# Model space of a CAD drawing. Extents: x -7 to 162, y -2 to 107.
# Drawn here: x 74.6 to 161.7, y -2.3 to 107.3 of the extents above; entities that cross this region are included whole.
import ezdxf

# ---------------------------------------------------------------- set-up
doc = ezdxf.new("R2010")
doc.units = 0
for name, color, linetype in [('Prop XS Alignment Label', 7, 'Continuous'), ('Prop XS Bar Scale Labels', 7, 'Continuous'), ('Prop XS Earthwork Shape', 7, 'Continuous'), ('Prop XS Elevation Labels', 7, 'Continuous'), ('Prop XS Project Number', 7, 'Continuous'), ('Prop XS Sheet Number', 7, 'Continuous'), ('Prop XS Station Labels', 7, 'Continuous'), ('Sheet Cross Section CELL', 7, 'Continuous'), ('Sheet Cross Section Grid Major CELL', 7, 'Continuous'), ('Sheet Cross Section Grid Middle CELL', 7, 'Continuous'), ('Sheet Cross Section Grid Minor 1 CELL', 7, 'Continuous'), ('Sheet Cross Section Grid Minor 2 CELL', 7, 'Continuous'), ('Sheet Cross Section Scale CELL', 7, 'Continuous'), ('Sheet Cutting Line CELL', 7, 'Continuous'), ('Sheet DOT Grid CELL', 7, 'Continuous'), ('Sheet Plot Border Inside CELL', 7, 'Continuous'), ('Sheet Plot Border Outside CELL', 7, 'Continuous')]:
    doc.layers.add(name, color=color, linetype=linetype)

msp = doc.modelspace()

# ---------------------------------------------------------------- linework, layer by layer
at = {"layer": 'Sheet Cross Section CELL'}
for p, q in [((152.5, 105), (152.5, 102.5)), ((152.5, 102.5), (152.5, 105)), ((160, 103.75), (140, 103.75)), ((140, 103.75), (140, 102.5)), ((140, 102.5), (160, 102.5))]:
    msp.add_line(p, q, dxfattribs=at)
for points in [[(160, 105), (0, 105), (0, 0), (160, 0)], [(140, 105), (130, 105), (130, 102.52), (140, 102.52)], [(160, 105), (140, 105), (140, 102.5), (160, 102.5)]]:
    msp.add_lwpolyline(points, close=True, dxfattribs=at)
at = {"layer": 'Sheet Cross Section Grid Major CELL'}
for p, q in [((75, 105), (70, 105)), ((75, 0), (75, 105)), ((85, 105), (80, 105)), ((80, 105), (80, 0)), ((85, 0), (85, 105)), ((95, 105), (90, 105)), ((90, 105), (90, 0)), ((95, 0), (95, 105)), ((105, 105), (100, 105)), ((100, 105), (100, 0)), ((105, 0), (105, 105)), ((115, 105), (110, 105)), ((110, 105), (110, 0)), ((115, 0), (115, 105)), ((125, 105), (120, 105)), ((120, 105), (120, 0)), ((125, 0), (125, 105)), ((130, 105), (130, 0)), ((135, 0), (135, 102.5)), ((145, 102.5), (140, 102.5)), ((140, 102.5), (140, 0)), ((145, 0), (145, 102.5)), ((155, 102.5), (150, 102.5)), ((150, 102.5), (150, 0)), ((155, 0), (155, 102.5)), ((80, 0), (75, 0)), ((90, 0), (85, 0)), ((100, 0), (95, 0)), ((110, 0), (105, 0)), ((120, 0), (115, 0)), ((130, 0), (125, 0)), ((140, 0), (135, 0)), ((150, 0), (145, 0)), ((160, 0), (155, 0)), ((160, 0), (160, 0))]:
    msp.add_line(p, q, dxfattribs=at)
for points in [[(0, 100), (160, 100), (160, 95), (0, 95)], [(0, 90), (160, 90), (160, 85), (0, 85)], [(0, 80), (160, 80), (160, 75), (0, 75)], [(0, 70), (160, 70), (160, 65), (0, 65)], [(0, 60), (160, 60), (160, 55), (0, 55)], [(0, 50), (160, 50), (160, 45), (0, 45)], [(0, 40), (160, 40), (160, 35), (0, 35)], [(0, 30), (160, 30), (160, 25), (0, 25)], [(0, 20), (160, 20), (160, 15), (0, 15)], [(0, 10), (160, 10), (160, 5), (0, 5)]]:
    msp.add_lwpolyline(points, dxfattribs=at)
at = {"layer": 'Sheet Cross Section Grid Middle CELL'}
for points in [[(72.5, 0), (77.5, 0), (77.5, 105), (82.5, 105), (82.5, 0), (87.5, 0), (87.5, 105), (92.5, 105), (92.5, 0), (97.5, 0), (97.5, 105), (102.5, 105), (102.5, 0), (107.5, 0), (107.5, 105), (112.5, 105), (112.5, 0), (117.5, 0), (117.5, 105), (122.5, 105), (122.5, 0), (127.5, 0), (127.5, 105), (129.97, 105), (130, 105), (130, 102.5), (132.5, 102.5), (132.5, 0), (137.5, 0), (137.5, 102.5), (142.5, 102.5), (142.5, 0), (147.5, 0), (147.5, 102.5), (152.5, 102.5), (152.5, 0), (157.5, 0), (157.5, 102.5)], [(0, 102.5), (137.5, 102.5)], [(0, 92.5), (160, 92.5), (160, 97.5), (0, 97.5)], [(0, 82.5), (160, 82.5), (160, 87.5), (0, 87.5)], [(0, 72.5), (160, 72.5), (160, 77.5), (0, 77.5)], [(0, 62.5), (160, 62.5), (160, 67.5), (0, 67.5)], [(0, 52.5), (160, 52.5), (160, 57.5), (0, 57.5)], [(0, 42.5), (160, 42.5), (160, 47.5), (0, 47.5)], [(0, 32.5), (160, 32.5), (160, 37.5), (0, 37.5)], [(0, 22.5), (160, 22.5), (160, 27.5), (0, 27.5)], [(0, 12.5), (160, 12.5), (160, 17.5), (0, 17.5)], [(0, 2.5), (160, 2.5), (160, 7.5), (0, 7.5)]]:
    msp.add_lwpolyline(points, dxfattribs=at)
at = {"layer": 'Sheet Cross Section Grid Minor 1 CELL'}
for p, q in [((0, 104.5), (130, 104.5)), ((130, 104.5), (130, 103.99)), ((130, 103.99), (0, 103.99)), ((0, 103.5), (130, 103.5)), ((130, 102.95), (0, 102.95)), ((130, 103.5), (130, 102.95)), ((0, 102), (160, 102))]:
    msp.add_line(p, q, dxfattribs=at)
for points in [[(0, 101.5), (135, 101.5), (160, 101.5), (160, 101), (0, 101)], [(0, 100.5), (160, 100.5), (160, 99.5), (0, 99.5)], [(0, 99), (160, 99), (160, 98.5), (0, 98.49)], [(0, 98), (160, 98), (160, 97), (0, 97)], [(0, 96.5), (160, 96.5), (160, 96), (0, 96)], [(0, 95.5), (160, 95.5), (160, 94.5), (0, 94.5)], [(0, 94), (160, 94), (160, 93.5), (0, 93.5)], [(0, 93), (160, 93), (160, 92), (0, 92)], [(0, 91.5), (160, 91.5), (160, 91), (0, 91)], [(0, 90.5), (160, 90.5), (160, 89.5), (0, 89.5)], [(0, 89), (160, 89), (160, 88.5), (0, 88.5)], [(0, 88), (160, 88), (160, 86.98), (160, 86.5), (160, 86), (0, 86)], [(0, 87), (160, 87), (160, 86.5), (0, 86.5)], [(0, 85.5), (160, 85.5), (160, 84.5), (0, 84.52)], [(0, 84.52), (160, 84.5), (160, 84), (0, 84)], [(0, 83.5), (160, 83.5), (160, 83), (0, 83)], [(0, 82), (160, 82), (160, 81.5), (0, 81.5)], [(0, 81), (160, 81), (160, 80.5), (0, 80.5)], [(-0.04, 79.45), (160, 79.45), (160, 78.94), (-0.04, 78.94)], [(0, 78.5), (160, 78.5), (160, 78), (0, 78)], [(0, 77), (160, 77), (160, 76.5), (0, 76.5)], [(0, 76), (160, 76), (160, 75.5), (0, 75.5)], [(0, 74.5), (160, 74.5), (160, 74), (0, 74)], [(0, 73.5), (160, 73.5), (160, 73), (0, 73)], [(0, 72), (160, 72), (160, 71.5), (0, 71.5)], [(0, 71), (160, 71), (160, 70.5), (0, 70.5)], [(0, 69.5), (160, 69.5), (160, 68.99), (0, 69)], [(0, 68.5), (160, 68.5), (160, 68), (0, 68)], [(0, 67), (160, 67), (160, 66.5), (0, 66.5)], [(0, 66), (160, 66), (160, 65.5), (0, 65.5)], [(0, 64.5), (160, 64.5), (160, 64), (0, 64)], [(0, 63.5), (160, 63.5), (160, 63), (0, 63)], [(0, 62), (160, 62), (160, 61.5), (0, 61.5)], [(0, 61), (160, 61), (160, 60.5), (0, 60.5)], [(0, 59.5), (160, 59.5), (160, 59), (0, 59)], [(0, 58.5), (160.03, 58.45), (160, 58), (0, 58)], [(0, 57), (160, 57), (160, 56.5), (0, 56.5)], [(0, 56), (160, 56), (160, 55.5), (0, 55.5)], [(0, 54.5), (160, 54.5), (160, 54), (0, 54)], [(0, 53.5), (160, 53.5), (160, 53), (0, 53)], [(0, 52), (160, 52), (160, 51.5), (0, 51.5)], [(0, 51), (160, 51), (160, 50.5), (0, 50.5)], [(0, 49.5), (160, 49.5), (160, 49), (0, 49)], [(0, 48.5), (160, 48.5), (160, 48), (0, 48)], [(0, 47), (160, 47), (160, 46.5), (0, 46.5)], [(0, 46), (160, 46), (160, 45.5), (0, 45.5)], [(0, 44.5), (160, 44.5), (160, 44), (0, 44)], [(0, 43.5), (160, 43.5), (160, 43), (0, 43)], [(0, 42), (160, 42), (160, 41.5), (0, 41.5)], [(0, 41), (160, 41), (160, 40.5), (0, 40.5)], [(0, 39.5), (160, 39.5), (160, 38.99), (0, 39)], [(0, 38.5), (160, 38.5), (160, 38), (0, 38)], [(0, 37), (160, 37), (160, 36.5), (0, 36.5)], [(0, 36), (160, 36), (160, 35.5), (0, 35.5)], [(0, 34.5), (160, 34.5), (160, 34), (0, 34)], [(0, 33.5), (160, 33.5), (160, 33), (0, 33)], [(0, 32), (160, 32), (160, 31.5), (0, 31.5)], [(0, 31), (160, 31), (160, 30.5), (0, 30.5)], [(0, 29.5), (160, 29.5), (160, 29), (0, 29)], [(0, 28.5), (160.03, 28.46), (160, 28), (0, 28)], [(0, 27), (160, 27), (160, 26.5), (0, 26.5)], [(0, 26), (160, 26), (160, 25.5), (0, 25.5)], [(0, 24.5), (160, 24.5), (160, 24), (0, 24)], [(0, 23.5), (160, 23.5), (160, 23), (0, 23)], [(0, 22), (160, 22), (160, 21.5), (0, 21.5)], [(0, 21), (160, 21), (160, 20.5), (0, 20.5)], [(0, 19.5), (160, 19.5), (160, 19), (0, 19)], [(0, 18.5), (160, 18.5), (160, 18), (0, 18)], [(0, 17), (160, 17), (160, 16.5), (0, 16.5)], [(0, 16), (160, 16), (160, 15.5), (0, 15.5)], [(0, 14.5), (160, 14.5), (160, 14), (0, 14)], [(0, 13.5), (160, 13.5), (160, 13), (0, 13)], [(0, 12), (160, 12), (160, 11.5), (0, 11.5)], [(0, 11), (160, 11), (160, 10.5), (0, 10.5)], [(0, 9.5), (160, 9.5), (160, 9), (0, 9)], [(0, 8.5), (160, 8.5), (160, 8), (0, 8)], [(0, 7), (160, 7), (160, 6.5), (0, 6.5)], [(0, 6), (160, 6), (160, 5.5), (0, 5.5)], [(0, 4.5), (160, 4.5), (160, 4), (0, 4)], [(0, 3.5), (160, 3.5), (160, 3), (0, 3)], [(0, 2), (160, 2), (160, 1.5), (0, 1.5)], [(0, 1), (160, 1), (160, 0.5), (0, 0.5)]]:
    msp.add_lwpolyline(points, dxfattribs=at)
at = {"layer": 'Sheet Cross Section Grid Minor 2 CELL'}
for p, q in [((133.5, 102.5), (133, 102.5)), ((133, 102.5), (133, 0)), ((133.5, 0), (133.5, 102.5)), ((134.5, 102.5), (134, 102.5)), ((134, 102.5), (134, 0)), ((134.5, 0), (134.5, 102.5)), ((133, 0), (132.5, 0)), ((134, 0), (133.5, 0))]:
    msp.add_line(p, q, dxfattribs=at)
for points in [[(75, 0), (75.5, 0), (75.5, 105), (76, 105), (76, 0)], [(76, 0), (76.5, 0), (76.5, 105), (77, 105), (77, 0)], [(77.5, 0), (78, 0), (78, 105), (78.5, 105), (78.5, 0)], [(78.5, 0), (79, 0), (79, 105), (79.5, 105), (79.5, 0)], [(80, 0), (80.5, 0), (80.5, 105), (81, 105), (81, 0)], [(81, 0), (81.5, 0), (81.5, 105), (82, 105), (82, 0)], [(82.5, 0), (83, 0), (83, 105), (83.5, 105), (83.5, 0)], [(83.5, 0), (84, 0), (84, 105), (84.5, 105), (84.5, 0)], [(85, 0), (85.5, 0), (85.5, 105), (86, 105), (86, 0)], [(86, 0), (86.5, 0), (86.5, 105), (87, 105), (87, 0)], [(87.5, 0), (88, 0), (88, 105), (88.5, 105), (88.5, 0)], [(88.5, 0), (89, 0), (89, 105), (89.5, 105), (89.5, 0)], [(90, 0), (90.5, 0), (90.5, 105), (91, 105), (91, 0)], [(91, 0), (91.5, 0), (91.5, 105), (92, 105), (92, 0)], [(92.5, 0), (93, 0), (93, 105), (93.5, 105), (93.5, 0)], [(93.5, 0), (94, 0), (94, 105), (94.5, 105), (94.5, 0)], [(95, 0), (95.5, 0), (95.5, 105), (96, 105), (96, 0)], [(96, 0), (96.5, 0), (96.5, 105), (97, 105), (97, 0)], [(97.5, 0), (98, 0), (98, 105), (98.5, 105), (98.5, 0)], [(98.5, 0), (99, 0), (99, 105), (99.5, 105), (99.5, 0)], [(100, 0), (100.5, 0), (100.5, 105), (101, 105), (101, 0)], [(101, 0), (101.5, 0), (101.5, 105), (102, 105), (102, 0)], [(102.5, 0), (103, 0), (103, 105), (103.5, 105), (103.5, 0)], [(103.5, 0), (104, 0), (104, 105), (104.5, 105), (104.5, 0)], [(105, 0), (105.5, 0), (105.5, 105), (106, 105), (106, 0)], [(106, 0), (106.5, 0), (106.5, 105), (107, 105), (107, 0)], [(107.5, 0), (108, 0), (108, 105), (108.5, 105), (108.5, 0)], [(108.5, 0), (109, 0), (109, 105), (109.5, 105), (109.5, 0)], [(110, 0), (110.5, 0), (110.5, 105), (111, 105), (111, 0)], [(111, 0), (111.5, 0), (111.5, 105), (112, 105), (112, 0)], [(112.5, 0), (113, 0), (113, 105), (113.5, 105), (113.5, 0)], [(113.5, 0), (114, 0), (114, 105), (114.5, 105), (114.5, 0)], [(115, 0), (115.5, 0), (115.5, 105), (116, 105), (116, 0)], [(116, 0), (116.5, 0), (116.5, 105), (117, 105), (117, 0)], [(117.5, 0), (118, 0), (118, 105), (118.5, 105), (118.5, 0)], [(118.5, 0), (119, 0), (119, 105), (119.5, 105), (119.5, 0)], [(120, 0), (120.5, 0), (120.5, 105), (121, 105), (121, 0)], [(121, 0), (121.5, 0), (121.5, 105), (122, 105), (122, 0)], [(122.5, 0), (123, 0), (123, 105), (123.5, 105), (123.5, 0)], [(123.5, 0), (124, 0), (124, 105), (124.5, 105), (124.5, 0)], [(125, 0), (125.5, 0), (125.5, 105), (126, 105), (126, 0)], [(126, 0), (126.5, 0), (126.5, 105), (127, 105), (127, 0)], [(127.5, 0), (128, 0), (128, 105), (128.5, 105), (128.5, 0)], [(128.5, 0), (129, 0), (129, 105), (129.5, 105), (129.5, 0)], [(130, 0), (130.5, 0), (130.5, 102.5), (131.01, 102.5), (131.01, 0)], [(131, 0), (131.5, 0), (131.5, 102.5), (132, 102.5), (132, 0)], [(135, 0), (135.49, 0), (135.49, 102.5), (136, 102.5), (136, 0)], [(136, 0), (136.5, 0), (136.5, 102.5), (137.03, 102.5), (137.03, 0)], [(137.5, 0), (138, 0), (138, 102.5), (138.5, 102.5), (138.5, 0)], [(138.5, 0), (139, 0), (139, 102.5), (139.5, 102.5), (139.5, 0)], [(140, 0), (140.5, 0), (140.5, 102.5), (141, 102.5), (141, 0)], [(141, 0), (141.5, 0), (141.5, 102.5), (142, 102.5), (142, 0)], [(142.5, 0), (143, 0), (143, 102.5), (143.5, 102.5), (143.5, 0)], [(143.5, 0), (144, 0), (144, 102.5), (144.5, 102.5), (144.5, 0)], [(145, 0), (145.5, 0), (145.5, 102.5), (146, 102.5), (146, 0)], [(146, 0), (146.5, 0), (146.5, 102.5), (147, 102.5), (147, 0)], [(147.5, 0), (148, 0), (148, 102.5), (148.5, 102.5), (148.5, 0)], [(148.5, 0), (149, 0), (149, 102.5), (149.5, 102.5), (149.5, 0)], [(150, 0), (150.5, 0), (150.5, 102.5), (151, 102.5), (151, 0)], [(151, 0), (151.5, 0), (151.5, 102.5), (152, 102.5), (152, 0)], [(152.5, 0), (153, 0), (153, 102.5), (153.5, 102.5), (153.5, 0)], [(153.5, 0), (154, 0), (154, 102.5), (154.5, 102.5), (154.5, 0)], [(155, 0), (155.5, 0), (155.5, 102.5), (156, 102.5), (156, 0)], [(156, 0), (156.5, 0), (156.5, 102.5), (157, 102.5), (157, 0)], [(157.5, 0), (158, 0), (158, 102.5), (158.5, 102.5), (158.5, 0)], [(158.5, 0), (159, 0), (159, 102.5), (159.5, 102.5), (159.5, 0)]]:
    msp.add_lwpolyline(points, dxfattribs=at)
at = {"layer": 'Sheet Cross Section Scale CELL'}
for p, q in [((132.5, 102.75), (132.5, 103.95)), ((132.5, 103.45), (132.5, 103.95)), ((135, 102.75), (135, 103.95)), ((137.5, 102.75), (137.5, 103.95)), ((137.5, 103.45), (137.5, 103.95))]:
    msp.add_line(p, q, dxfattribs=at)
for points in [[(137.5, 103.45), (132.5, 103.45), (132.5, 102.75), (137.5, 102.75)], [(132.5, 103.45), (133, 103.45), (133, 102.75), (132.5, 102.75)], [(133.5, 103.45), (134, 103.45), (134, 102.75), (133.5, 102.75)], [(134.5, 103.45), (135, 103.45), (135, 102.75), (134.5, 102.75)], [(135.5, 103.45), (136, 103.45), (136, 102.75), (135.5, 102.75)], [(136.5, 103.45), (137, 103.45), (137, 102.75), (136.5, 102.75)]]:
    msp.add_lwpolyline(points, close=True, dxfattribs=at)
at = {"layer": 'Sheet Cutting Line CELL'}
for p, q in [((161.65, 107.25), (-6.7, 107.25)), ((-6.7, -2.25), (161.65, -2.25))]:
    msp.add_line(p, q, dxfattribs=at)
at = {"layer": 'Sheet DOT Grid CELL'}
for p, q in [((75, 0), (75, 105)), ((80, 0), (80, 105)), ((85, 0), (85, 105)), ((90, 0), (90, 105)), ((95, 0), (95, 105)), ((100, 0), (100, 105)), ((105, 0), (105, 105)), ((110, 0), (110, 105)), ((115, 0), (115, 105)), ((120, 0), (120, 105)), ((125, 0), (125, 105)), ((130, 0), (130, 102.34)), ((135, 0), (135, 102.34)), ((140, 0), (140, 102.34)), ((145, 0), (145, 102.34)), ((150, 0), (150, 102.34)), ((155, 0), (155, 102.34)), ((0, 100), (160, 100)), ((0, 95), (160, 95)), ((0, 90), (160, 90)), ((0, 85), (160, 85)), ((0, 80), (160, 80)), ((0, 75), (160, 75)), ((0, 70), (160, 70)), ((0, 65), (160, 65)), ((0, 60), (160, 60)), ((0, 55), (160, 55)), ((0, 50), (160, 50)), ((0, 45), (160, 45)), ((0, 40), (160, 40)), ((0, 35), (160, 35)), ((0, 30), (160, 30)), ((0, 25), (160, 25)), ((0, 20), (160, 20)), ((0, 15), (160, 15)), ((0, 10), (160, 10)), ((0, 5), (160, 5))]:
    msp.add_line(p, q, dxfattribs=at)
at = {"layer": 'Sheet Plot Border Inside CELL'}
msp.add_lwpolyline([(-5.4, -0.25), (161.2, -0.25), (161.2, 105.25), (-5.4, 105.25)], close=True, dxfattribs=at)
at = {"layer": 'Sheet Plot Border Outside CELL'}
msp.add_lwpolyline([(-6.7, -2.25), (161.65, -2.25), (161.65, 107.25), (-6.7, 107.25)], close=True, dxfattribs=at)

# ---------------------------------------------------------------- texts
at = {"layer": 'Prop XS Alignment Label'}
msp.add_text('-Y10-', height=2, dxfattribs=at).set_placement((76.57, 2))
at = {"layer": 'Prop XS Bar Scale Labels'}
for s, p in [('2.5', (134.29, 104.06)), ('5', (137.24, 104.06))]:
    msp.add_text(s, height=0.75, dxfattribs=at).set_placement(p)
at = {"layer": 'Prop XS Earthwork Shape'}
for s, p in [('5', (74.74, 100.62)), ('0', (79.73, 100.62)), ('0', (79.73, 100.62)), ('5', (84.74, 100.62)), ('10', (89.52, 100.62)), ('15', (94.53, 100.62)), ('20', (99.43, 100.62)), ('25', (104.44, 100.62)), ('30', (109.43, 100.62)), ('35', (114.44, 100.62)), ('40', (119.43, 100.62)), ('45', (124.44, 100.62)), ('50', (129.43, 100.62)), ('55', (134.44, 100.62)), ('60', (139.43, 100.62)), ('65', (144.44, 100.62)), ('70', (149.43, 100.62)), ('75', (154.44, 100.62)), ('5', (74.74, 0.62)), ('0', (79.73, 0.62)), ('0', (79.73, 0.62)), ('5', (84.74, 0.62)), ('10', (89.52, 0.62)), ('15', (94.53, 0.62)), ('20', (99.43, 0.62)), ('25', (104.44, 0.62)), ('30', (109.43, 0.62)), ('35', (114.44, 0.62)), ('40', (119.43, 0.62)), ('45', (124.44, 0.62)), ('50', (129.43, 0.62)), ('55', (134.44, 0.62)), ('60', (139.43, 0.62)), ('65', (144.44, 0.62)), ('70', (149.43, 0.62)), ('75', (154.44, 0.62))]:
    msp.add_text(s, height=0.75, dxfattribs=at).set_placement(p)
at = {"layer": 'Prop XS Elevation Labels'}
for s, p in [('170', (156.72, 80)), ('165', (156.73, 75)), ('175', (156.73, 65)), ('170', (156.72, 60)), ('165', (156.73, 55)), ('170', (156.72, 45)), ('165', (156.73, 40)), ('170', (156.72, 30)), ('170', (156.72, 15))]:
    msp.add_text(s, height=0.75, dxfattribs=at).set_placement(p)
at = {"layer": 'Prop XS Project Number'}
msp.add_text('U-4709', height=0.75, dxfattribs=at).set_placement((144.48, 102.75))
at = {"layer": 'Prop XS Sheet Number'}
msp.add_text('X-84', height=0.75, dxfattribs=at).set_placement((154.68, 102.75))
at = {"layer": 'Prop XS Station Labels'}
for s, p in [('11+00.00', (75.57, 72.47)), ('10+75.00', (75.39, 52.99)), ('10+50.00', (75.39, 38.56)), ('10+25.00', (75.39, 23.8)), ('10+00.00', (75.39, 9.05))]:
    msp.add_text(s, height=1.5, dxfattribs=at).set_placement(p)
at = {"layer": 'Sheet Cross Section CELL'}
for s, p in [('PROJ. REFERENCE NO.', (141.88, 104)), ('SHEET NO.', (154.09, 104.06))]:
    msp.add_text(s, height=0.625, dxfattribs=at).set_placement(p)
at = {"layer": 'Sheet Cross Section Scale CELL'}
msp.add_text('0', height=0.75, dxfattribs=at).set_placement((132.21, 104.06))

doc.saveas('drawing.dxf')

────────────────

> **Exercise objective**: Write the number of lines in the listing above that contain the word "drawing". No other text should appear.

> **Solution to the exercise**: 2